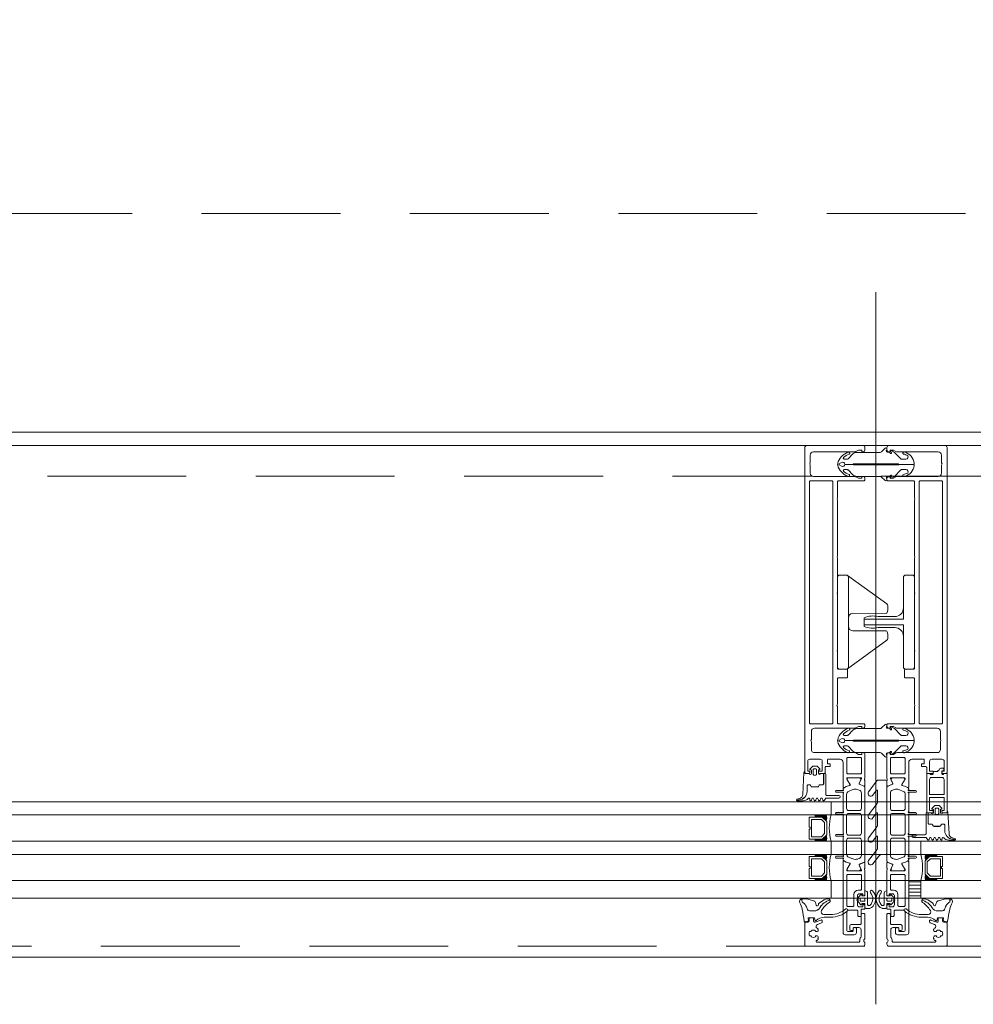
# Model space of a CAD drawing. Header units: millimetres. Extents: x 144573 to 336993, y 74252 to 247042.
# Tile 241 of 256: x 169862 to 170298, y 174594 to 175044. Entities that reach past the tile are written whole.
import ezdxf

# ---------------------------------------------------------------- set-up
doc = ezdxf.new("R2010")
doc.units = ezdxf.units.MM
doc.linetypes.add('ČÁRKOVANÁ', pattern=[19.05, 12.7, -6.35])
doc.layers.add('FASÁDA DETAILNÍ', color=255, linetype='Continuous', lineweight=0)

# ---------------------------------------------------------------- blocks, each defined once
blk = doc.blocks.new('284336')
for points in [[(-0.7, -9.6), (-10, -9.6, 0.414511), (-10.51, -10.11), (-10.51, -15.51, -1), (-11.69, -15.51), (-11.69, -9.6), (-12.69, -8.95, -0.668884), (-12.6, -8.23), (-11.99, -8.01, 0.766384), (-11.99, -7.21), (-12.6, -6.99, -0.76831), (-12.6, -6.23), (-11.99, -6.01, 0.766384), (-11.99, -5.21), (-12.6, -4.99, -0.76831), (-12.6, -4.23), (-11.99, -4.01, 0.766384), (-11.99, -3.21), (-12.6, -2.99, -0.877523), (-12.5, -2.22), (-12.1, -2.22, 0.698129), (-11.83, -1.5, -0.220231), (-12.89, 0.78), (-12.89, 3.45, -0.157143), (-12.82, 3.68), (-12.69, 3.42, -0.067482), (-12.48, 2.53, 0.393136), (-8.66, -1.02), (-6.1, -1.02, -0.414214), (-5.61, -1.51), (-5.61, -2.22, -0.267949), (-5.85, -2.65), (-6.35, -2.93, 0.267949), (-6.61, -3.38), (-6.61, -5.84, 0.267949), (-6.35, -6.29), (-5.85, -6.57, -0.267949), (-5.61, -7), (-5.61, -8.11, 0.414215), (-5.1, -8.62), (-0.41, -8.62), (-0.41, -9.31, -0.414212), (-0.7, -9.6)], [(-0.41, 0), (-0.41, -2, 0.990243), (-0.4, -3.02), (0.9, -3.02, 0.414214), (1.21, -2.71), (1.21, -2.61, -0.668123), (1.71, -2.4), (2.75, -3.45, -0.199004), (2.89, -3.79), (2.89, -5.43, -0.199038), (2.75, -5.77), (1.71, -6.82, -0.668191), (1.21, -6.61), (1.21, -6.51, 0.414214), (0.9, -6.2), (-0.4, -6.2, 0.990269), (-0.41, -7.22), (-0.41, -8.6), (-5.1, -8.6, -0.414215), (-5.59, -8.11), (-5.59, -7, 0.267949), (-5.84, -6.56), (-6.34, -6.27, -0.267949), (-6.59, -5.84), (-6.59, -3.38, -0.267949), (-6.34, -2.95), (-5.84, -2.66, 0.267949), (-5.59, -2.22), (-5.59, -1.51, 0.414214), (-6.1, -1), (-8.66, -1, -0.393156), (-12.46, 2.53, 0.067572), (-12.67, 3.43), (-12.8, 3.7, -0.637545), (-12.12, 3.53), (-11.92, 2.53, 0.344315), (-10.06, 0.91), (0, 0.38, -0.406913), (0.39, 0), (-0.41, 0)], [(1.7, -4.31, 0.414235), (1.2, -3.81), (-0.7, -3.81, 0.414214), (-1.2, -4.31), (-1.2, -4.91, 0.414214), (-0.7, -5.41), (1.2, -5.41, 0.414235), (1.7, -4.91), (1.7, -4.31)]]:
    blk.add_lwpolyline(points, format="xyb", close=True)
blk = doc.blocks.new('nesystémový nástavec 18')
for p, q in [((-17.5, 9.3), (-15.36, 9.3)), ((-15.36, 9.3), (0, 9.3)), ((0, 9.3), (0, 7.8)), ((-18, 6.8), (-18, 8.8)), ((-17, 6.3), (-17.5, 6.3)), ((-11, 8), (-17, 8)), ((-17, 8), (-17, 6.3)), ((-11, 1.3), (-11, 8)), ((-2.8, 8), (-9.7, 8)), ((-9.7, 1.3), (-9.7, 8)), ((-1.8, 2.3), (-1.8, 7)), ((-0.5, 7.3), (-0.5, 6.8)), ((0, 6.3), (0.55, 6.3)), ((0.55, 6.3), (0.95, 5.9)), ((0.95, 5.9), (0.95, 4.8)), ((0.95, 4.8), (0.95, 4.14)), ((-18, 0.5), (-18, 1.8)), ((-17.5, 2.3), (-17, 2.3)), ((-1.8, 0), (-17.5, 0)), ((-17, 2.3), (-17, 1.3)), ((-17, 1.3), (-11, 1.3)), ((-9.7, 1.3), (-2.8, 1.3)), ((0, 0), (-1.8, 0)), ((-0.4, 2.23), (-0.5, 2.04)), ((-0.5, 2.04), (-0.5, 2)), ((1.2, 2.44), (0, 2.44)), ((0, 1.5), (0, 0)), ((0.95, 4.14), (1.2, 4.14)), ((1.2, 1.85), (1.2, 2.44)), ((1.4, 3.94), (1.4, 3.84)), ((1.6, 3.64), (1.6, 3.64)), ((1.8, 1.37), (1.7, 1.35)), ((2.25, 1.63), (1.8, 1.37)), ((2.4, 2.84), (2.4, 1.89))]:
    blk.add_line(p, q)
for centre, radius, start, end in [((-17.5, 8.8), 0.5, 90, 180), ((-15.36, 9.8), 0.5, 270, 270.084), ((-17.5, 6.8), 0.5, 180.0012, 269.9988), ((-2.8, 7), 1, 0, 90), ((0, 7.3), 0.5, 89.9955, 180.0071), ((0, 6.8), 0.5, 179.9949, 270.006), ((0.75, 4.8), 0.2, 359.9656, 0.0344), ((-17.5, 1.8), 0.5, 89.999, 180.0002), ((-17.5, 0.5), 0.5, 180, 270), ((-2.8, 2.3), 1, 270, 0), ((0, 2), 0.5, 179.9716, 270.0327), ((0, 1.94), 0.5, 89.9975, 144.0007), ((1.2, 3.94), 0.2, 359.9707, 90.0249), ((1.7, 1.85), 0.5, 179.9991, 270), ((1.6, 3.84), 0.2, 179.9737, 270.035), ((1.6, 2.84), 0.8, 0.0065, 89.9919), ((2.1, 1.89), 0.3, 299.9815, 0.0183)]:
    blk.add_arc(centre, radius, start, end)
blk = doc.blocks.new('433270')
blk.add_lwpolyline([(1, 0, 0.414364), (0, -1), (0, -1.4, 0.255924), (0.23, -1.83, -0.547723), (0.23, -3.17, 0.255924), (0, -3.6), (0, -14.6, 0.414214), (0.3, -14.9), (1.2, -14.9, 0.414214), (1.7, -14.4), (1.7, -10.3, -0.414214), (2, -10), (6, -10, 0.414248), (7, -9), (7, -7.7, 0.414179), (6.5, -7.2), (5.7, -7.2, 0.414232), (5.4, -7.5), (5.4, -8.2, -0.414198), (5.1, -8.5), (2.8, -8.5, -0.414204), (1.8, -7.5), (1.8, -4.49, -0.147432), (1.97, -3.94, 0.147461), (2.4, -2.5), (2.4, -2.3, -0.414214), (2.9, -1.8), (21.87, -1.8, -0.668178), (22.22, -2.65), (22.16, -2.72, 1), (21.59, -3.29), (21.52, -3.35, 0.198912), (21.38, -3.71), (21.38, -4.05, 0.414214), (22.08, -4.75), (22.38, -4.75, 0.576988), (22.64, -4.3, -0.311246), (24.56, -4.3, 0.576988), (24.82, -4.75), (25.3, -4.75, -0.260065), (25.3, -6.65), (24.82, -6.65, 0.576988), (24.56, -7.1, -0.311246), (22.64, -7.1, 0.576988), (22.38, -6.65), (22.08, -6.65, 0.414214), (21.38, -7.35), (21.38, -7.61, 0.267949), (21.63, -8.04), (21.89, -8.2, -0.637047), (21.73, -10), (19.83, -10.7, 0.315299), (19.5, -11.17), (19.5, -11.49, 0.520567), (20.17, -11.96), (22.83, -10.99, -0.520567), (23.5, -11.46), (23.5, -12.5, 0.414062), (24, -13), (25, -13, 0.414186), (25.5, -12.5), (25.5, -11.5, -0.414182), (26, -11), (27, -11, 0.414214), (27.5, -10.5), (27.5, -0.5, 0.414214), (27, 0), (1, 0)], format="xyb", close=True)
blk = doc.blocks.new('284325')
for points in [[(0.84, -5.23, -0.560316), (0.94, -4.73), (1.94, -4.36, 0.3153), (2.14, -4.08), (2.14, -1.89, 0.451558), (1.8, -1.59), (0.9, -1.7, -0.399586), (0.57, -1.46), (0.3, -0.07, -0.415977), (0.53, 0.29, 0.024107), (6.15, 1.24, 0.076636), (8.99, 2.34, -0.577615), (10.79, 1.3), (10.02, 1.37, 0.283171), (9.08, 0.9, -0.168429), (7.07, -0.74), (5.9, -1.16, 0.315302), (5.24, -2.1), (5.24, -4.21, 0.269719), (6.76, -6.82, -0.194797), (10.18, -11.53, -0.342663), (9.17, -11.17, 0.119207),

+++++

AIM OF THE EXERCISE: Up to and including the line that contains "blk = doc.blocks.new('284336')", print the records above exactly from their first line, without any pictures.

EXPECTED OUTPUT:
# Model space of a CAD drawing. Header units: millimetres. Extents: x 144573 to 336993, y 74252 to 247042.
# Tile 241 of 256: x 169862 to 170298, y 174594 to 175044. Entities that reach past the tile are written whole.
import ezdxf

# ---------------------------------------------------------------- set-up
doc = ezdxf.new("R2010")
doc.units = ezdxf.units.MM
doc.linetypes.add('ČÁRKOVANÁ', pattern=[19.05, 12.7, -6.35])
doc.layers.add('FASÁDA DETAILNÍ', color=255, linetype='Continuous', lineweight=0)

# ---------------------------------------------------------------- blocks, each defined once
blk = doc.blocks.new('284336')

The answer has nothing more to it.